About 3 years ago I started to notice that my main programming skills (C#) were not stretching as effectively into a new breed of products targeted at the everyday consumer (as opposed to enterprise consumers). With the ascendency of iOS and Android the skills I honed over years in Visual Studio were only marginally helpful and these devices seem to be springing up everywhere. So in contradiction to the CIL and CLR approach, the idea of becoming a true polyglot appears to be more important than ever.
So if you are of the iOS persuasion then your approach would inevitably turn to the Xcode IDE and Objective-c (now Swift of course) on a Mac. Having never owned a Mac (much to the chagrin of my better half) I have been left out of any serious iOS development thus far. In general the IDE has witnessed a slow hard climb into the light but the most recent updates have some decent improvements, including the live rendering at design time (critical for my work flow).
The recommended approach for Android is the Eclipse IDE in combination with Java (it also has plugins for C/C++, PHP and others) on Windows. For me the Eclipse IDE has many more parallels to Visual Studio than does the Xcode IDE. Additionally Eclipse has been around since 2004 so many of the features I expect within an enterprise level IDE are readily available.
Java is relatively easy for me to read, but what is even more familiar is the use of Android XML, it is appropriately different to XAML, but as long as you are comfortable with general XML schema you can quite confidently make changes inline if necessary.
android:text="Hello World!" />
Aside: I do find it fascinating that most larger companies (like mine) appear to prefer the notion of developer specialists which runs counter to the prevailing Sprint and DevOps influence.
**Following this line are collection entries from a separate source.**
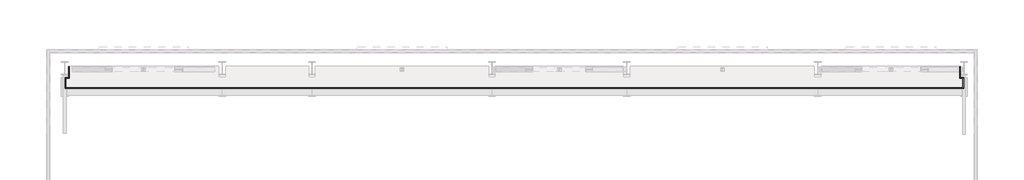
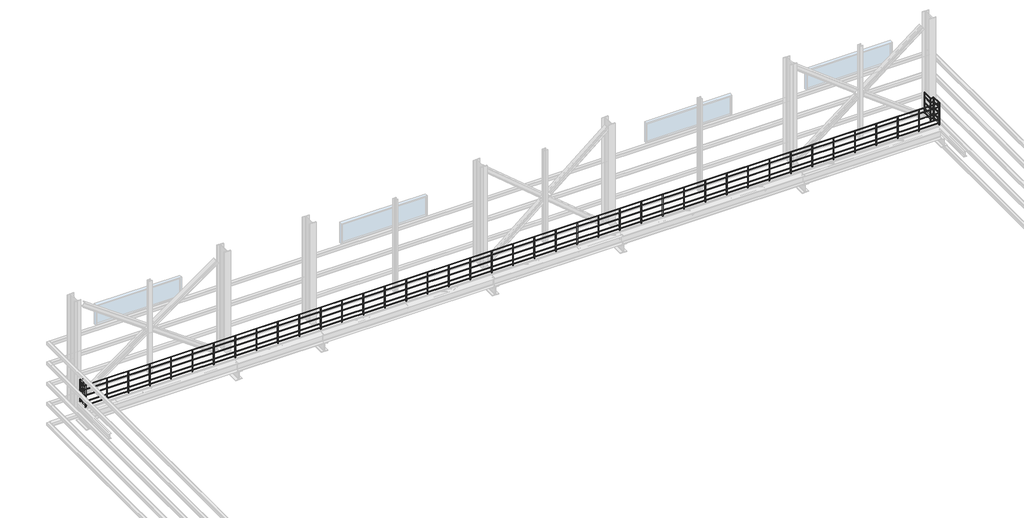
# One storey, part 4 of 4: 1 railing.
"""IFC4 building model written with IfcOpenShell, lengths in millimetres."""

from ifc_helpers import new_model, si_unit, frame, origin, place, context, project, spatial, polyline, circle_curve, ellipse_curve, outline, extrude, element, save
from ifc_brep_helpers import plane_surface, cylinder_surface, advanced_brep

model = new_model("IFC4")

# Units and contexts
model_context = context("Model", 3, world=origin())
ifc_project = project(units=[si_unit("LENGTHUNIT", "METRE", prefix="MILLI")], contexts=[model_context])

# Site, building, storey
site = spatial("IfcSite", under=ifc_project)
building = spatial("IfcBuilding", under=site)
storey = spatial("IfcBuildingStorey", under=building, Name="T.O.CRANE GIR.", Elevation=12299.9720055)

# Railing
placement = place(None, origin())
element("IfcRailing", 1, ObjectType="H_RL_AMH_Steel Handrail_H1100", at=placement, inside=storey, context=model_context, shape_type="SolidModel", body=[
    advanced_brep(
    [(165.0, 39119.5208589, 13466.9720055), (195.0, 39119.5208589, 13466.9720055), (165.0, 38634.5208589, 13466.9720055), (195.0, 38604.5208589, 13466.9720055), (15.0, 38634.5208589, 13466.9720055), (45.0, 38604.5208589, 13466.9720055), (15.0, 38164.5208589, 13466.9720055), (45.0, 38194.5208589, 13466.9720055), (39985.0, 38164.5208589, 13466.9720055), (39955.0, 38194.5208589, 13466.9720055), (39985.0, 38634.5208589, 13466.9720055), (39955.0, 38604.5208589, 13466.9720055), (39835.0, 38634.5208589, 13466.9720055), (39805.0, 38604.5208589, 13466.9720055), (39835.0, 39119.5208589, 13466.9720055), (39805.0, 39119.5208589, 13466.9720055)],
    [
        (0, 1, circle_curve(frame((180.0, 39119.5208589, 13466.9720055), z_axis=(0.0, 1.0, 0.0), x_axis=(1.0, 0.0, 0.0)), 15.0)),
        (1, 0, circle_curve(frame((180.0, 39119.5208589, 13466.9720055), z_axis=(0.0, 1.0, 0.0), x_axis=(1.0, 0.0, 0.0)), 15.0)),
        (0, 2),
        (2, 3, ellipse_curve(frame((180.0, 38619.5208589, 13466.9720055), z_axis=(0.707106781186548, 0.7071067811865469, 0.0), x_axis=(-0.7071067811865468, 0.7071067811865482, 0.0)), 21.2132034, 15.0)),
        (3, 1),
        (3, 2, ellipse_curve(frame((180.0, 38619.5208589, 13466.9720055), z_axis=(0.707106781186548, 0.7071067811865469, 0.0), x_axis=(-0.7071067811865468, 0.7071067811865482, 0.0)), 21.2132034, 15.0)),
        (2, 4),
        (4, 5, ellipse_curve(frame((30.0, 38619.5208589, 13466.9720055), z_axis=(0.707106781186548, 0.7071067811865469, 0.0), x_axis=(0.7071067811865472, -0.7071067811865479, 0.0)), 21.2132034, 15.0)),
        (5, 3),
        (5, 4, ellipse_curve(frame((30.0, 38619.5208589, 13466.9720055), z_axis=(0.707106781186548, 0.7071067811865469, 0.0), x_axis=(0.7071067811865472, -0.7071067811865479, 0.0)), 21.2132034, 15.0)),
        (4, 6),
        (6, 7, ellipse_curve(frame((30.0, 38179.5208589, 13466.9720055), z_axis=(-0.7071067811865459, 0.7071067811865491, 0.0), x_axis=(0.7071067811865491, 0.7071067811865458, 0.0)), 21.2132034, 15.0)),
        (7, 5),
        (7, 6, ellipse_curve(frame((30.0, 38179.5208589, 13466.9720055), z_axis=(-0.7071067811865459, 0.7071067811865491, 0.0), x_axis=(0.7071067811865491, 0.7071067811865458, 0.0)), 21.2132034, 15.0)),
        (6, 8),
        (8, 9, ellipse_curve(frame((39970.0, 38179.5208589, 13466.9720055), z_axis=(-0.7071067811865486, -0.7071067811865465, 0.0), x_axis=(-0.7071067811865465, 0.7071067811865486, 0.0)), 21.2132034, 15.0)),
        (9, 7),
        (9, 8, ellipse_curve(frame((39970.0, 38179.5208589, 13466.9720055), z_axis=(-0.7071067811865486, -0.7071067811865465, 0.0), x_axis=(-0.7071067811865465, 0.7071067811865486, 0.0)), 21.2132034, 15.0)),
        (8, 10),
        (10, 11, ellipse_curve(frame((39970.0, 38619.5208589, 13466.9720055), z_axis=(0.7071067811865476, -0.7071067811865474, 0.0), x_axis=(-0.7071067811865472, -0.7071067811865478, 0.0)), 21.2132034, 15.0)),
        (11, 9),
        (11, 10, ellipse_curve(frame((39970.0, 38619.5208589, 13466.9720055), z_axis=(0.7071067811865476, -0.7071067811865474, 0.0), x_axis=(-0.7071067811865472, -0.7071067811865478, 0.0)), 21.2132034, 15.0)),
        (10, 12),
        (12, 13, ellipse_curve(frame((39820.0, 38619.5208589, 13466.9720055), z_axis=(0.7071067811865476, -0.7071067811865474, 0.0), x_axis=(0.7071067811865475, 0.7071067811865475, 0.0)), 21.2132034, 15.0)),
        (13, 11),
        (13, 12, ellipse_curve(frame((39820.0, 38619.5208589, 13466.9720055), z_axis=(0.7071067811865476, -0.7071067811865474, 0.0), x_axis=(0.7071067811865475, 0.7071067811865475, 0.0)), 21.2132034, 15.0)),
        (14, 15, circle_curve(frame((39820.0, 39119.5208589, 13466.9720055), z_axis=(0.0, 1.0, 0.0), x_axis=(-1.0, 0.0, 0.0)), 15.0)),
        (15, 14, circle_curve(frame((39820.0, 39119.5208589, 13466.9720055), z_axis=(0.0, 1.0, 0.0), x_axis=(-1.0, 0.0, 0.0)), 15.0)),
        (12, 14),
        (15, 13),
    ],
    [
        plane_surface(frame((180.0, 39119.5208589, 13481.9720055), z_axis=(0.0, 1.0, 0.0), x_axis=(0.0, 0.0, -1.0))),
        cylinder_surface(frame((180.0, 39119.5208589, 13466.9720055), z_axis=(0.0, 1.0, 0.0), x_axis=(1.0, 0.0, 0.0)), 15.0),
        cylinder_surface(frame((180.0, 38619.5208589, 13466.9720055), z_axis=(1.0, 0.0, 0.0), x_axis=(0.0, -1.0, 0.0)), 15.0),
        cylinder_surface(frame((30.0, 38619.5208589, 13466.9720055), z_axis=(0.0, 1.0, 0.0), x_axis=(1.0, 0.0, 0.0)), 15.0),
        cylinder_surface(frame((30.0, 38179.5208589, 13466.9720055), z_axis=(-1.0, 0.0, 0.0), x_axis=(0.0, 1.0, 0.0)), 15.0),
        cylinder_surface(frame((39970.0, 38179.5208589, 13466.9720055), z_axis=(0.0, -1.0, 0.0), x_axis=(-1.0, 0.0, 0.0)), 15.0),
        cylinder_surface(frame((39970.0, 38619.5208589, 13466.9720055), z_axis=(1.0, 0.0, 0.0), x_axis=(0.0, -1.0, 0.0)), 15.0),
        plane_surface(frame((39820.0, 39119.5208589, 13481.9720055), z_axis=(0.0, 1.0, 0.0), x_axis=(0.0, 0.0, 1.0))),
        cylinder_surface(frame((39820.0, 38619.5208589, 13466.9720055), z_axis=(0.0, -1.0, 0.0), x_axis=(-1.0, 0.0, 0.0)), 15.0),
    ],
    [
        (0, [[1, 2]]),
        (1, [[-1, 3, 4, 5]]),
        (1, [[-2, -5, 6, -3]]),
        (2, [[-4, 7, 8, 9]]),
        (2, [[-6, -9, 10, -7]]),
        (3, [[-8, 11, 12, 13]]),
        (3, [[-10, -13, 14, -11]]),
        (4, [[-12, 15, 16, 17]]),
        (4, [[-14, -17, 18, -15]]),
        (5, [[-16, 19, 20, 21]]),
        (5, [[-18, -21, 22, -19]]),
        (6, [[-20, 23, 24, 25]]),
        (6, [[-22, -25, 26, -23]]),
        (7, [[27, 28]]),
        (8, [[-24, 29, -28, 30]]),
        (8, [[-26, -30, -27, -29]]),
    ],
),
    advanced_brep(
    [(15.0, 38634.5208589, 13266.9720055), (45.0, 38604.5208589, 13266.9720055), (45.0, 38194.5208589, 13266.9720055), (15.0, 38164.5208589, 13266.9720055), (39955.0, 38194.5208589, 13266.9720055), (39985.0, 38164.5208589, 13266.9720055), (39955.0, 38604.5208589, 13266.9720055), (39985.0, 38634.5208589, 13266.9720055), (39805.0, 38604.5208589, 13266.9720055), (39835.0, 38634.5208589, 13266.9720055), (39805.0, 39119.5208589, 13266.9720055), (39835.0, 39119.5208589, 13266.9720055), (195.0, 39119.5208589, 13266.9720055), (165.0, 39119.5208589, 13266.9720055), (195.0, 38604.5208589, 13266.9720055), (165.0, 38634.5208589, 13266.9720055)],
    [
        (0, 1, ellipse_curve(frame((30.0, 38619.5208589, 13266.9720055), z_axis=(-0.707106781186548, -0.7071067811865469, 0.0), x_axis=(-0.7071067811865467, 0.7071067811865482, 0.0)), 21.2132034, 15.0)),
        (1, 2),
        (2, 3, ellipse_curve(frame((30.0, 38179.5208589, 13266.9720055), z_axis=(-0.7071067811865459, 0.7071067811865491, 0.0), x_axis=(0.7071067811865491, 0.7071067811865458, 0.0)), 21.2132034, 15.0)),
        (3, 0),
        (1, 0, ellipse_curve(frame((30.0, 38619.5208589, 13266.9720055), z_axis=(-0.707106781186548, -0.7071067811865469, 0.0), x_axis=(-0.7071067811865467, 0.7071067811865482, 0.0)), 21.2132034, 15.0)),
        (3, 2, ellipse_curve(frame((30.0, 38179.5208589, 13266.9720055), z_axis=(-0.7071067811865459, 0.7071067811865491, 0.0), x_axis=(0.7071067811865491, 0.7071067811865458, 0.0)), 21.2132034, 15.0)),
        (2, 4),
        (4, 5, ellipse_curve(frame((39970.0, 38179.5208589, 13266.9720055), z_axis=(-0.7071067811865486, -0.7071067811865465, 0.0), x_axis=(-0.7071067811865465, 0.7071067811865486, 0.0)), 21.2132034, 15.0)),
        (5, 3),
        (5, 4, ellipse_curve(frame((39970.0, 38179.5208589, 13266.9720055), z_axis=(-0.7071067811865486, -0.7071067811865465, 0.0), x_axis=(-0.7071067811865465, 0.7071067811865486, 0.0)), 21.2132034, 15.0)),
        (4, 6),
        (6, 7, ellipse_curve(frame((39970.0, 38619.5208589, 13266.9720055), z_axis=(0.7071067811865476, -0.7071067811865474, 0.0), x_axis=(-0.7071067811865472, -0.7071067811865478, 0.0)), 21.2132034, 15.0)),
        (7, 5),
        (7, 6, ellipse_curve(frame((39970.0, 38619.5208589, 13266.9720055), z_axis=(0.7071067811865476, -0.7071067811865474, 0.0), x_axis=(-0.7071067811865472, -0.7071067811865478, 0.0)), 21.2132034, 15.0)),
        (6, 8),
        (8, 9, ellipse_curve(frame((39820.0, 38619.5208589, 13266.9720055), z_axis=(0.7071067811865476, -0.7071067811865474, 0.0), x_axis=(0.7071067811865475, 0.7071067811865475, 0.0)), 21.2132034, 15.0)),
        (9, 7),
        (9, 8, ellipse_curve(frame((39820.0, 38619.5208589, 13266.9720055), z_axis=(0.7071067811865476, -0.7071067811865474, 0.0), x_axis=(0.7071067811865475, 0.7071067811865475, 0.0)), 21.2132034, 15.0)),
        (10, 11, circle_curve(frame((39820.0, 39119.5208589, 13266.9720055), z_axis=(0.0, 1.0, 0.0), x_axis=(1.0, 0.0, 0.0)), 15.0)),
        (11, 10, circle_curve(frame((39820.0, 39119.5208589, 13266.9720055), z_axis=(0.0, 1.0, 0.0), x_axis=(1.0, 0.0, 0.0)), 15.0)),
        (8, 10),
        (11, 9),
        (12, 13, circle_curve(frame((180.0, 39119.5208589, 13266.9720055), z_axis=(0.0, 1.0, 0.0), x_axis=(-1.0, 0.0, 0.0)), 15.0)),
        (13, 12, circle_curve(frame((180.0, 39119.5208589, 13266.9720055), z_axis=(0.0, 1.0, 0.0), x_axis=(-1.0, 0.0, 0.0)), 15.0)),
        (12, 14),
        (14, 15, ellipse_curve(frame((180.0, 38619.5208589, 13266.9720055), z_axis=(0.707106781186548, 0.7071067811865469, 0.0), x_axis=(-0.7071067811865468, 0.7071067811865482, 0.0)), 21.2132034, 15.0)),
        (15, 13),
        (15, 14, ellipse_curve(frame((180.0, 38619.5208589, 13266.9720055), z_axis=(0.707106781186548, 0.7071067811865469, 0.0), x_axis=(-0.7071067811865468, 0.7071067811865482, 0.0)), 21.2132034, 15.0)),
        (14, 1),
        (0, 15),
    ],
    [
        cylinder_surface(frame((30.0, 38619.5208589, 13266.9720055), z_axis=(0.0, 1.0, 0.0), x_axis=(-1.0, 0.0, 0.0)), 15.0),
        cylinder_surface(frame((30.0, 38179.5208589, 13266.9720055), z_axis=(-1.0, 0.0, 0.0), x_axis=(0.0, -1.0, 0.0)), 15.0),
        cylinder_surface(frame((39970.0, 38179.5208589, 13266.9720055), z_axis=(0.0, -1.0, 0.0), x_axis=(1.0, 0.0, 0.0)), 15.0),
        cylinder_surface(frame((39970.0, 38619.5208589, 13266.9720055), z_axis=(1.0, 0.0, 0.0), x_axis=(0.0, 1.0, 0.0)), 15.0),
        plane_surface(frame((39820.0, 39119.5208589, 13281.9720055), z_axis=(0.0, 1.0, 0.0), x_axis=(0.0, 0.0, 1.0))),
        cylinder_surface(frame((39820.0, 38619.5208589, 13266.9720055), z_axis=(0.0, -1.0, 0.0), x_axis=(1.0, 0.0, 0.0)), 15.0),
        plane_surface(frame((180.0, 39119.5208589, 13281.9720055), z_axis=(0.0, 1.0, 0.0), x_axis=(0.0, 0.0, -1.0))),
        cylinder_surface(frame((180.0, 39119.5208589, 13266.9720055), z_axis=(0.0, 1.0, 0.0), x_axis=(-1.0, 0.0, 0.0)), 15.0),
        cylinder_surface(frame((180.0, 38619.5208589, 13266.9720055), z_axis=(1.0, 0.0, 0.0), x_axis=(0.0, 1.0, 0.0)), 15.0),
    ],
    [
        (0, [[1, 2, 3, 4]]),
        (0, [[5, -4, 6, -2]]),
        (1, [[-3, 7, 8, 9]]),
        (1, [[-6, -9, 10, -7]]),
        (2, [[-8, 11, 12, 13]]),
        (2, [[-10, -13, 14, -11]]),
        (3, [[-12, 15, 16, 17]]),
        (3, [[-14, -17, 18, -15]]),
        (4, [[19, 20]]),
        (5, [[-16, 21, -20, 22]]),
        (5, [[-18, -22, -19, -21]]),
        (6, [[23, 24]]),
        (7, [[-23, 25, 26, 27]]),
        (7, [[-24, -27, 28, -25]]),
        (8, [[-26, 29, -1, 30]]),
        (8, [[-28, -30, -5, -29]]),
    ],
),
    advanced_brep(
    [(15.0, 38634.5208589, 12966.9720055), (45.0, 38604.5208589, 12966.9720055), (45.0, 38194.5208589, 12966.9720055), (15.0, 38164.5208589, 12966.9720055), (39955.0, 38194.5208589, 12966.9720055), (39985.0, 38164.5208589, 12966.9720055), (39955.0, 38604.5208589, 12966.9720055), (39985.0, 38634.5208589, 12966.9720055), (39805.0, 38604.5208589, 12966.9720055), (39835.0, 38634.5208589, 12966.9720055), (39805.0, 39119.5208589, 12966.9720055), (39835.0, 39119.5208589, 12966.9720055), (195.0, 39119.5208589, 12966.9720055), (165.0, 39119.5208589, 12966.9720055), (195.0, 38604.5208589, 12966.9720055), (165.0, 38634.5208589, 12966.9720055)],
    [
        (0, 1, ellipse_curve(frame((30.0, 38619.5208589, 12966.9720055), z_axis=(-0.707106781186548, -0.7071067811865469, 0.0), x_axis=(-0.7071067811865467, 0.7071067811865482, 0.0)), 21.2132034, 15.0)),
        (1, 2),
        (2, 3, ellipse_curve(frame((30.0, 38179.5208589, 12966.9720055), z_axis=(-0.7071067811865459, 0.7071067811865491, 0.0), x_axis=(0.7071067811865491, 0.7071067811865458, 0.0)), 21.2132034, 15.0)),
        (3, 0),
        (1, 0, ellipse_curve(frame((30.0, 38619.5208589, 12966.9720055), z_axis=(-0.707106781186548, -0.7071067811865469, 0.0), x_axis=(-0.7071067811865467, 0.7071067811865482, 0.0)), 21.2132034, 15.0)),
        (3, 2, ellipse_curve(frame((30.0, 38179.5208589, 12966.9720055), z_axis=(-0.7071067811865459, 0.7071067811865491, 0.0), x_axis=(0.7071067811865491, 0.7071067811865458, 0.0)), 21.2132034, 15.0)),
        (2, 4),
        (4, 5, ellipse_curve(frame((39970.0, 38179.5208589, 12966.9720055), z_axis=(-0.7071067811865486, -0.7071067811865465, 0.0), x_axis=(-0.7071067811865465, 0.7071067811865486, 0.0)), 21.2132034, 15.0)),
        (5, 3),
        (5, 4, ellipse_curve(frame((39970.0, 38179.5208589, 12966.9720055), z_axis=(-0.7071067811865486, -0.7071067811865465, 0.0), x_axis=(-0.7071067811865465, 0.7071067811865486, 0.0)), 21.2132034, 15.0)),
        (4, 6),
        (6, 7, ellipse_curve(frame((39970.0, 38619.5208589, 12966.9720055), z_axis=(0.7071067811865476, -0.7071067811865474, 0.0), x_axis=(-0.7071067811865472, -0.7071067811865478, 0.0)), 21.2132034, 15.0)),
        (7, 5),
        (7, 6, ellipse_curve(frame((39970.0, 38619.5208589, 12966.9720055), z_axis=(0.7071067811865476, -0.7071067811865474, 0.0), x_axis=(-0.7071067811865472, -0.7071067811865478, 0.0)), 21.2132034, 15.0)),
        (6, 8),
        (8, 9, ellipse_curve(frame((39820.0, 38619.5208589, 12966.9720055), z_axis=(0.7071067811865476, -0.7071067811865474, 0.0), x_axis=(0.7071067811865475, 0.7071067811865475, 0.0)), 21.2132034, 15.0)),
        (9, 7),
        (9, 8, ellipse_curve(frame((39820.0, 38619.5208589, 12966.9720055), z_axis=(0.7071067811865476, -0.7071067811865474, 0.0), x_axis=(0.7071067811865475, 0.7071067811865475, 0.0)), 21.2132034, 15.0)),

I wonder which approach will win out?
New Portability features in Visual Studio
The Visual Studio team is doing an increasingly brilliant job of embracing the diversity of the programming world especially as it relates to open source and the web. What I am finding more remarkable is the embrace of other platforms, for example, the new .NET Portability Analyzer helps you determine how flexible your application is across a variety of platforms (including Xamarin). I fully expect Xbox will be added to this list in the very near future to and thereby support a truly universal windows app concept. The .NET API Port team is eager for your feedback!
This is an interesting first step and I am hopeful that this is a positive harbinger of collaborations to come.
Ultimate Portability in Xamarin
I have a growing appreciation for folks who write brilliant software and further have the discipline to write text to explain concepts clearly and articulately. In my chosen profession then, I hold Charles Petzold in the highest regard. I have read most of his books and follow his blog with some interest, while he blogs more about music these days it is still generally fascinating stuff (he actually encouraged folks to go see Atlanta Orchestra while at a Microsoft conference, it was quite brilliant!).
His seminal book, Programming Windows, laid the foundation for me and many Windows programmers of my generation. So of course I was then pleasantly surprised to see him working full time for the Xamarin team, writing a new book (“Creating Mobile Apps with Xamarin.Forms”). For me this upcoming book is like a bellwether for future mobile development practices for traditional Windows developers. I was initially skeptical that you could make compelling products across multiple platforms from a single IDE but I am seeing more and more evidence that this approach is both practical and indeed optimal.
No. 1 iPad app in the store is built using @xamarinhq - if that doesn't drive it home that #Xamarin has arrived, not sure what could.— John Sprunger (@johnsprunger) August 15, 2014
So what is your approach? Are you conversant in multiple languages and multiple IDEs? Or are you relying on Xamarin and C# as *the* approach?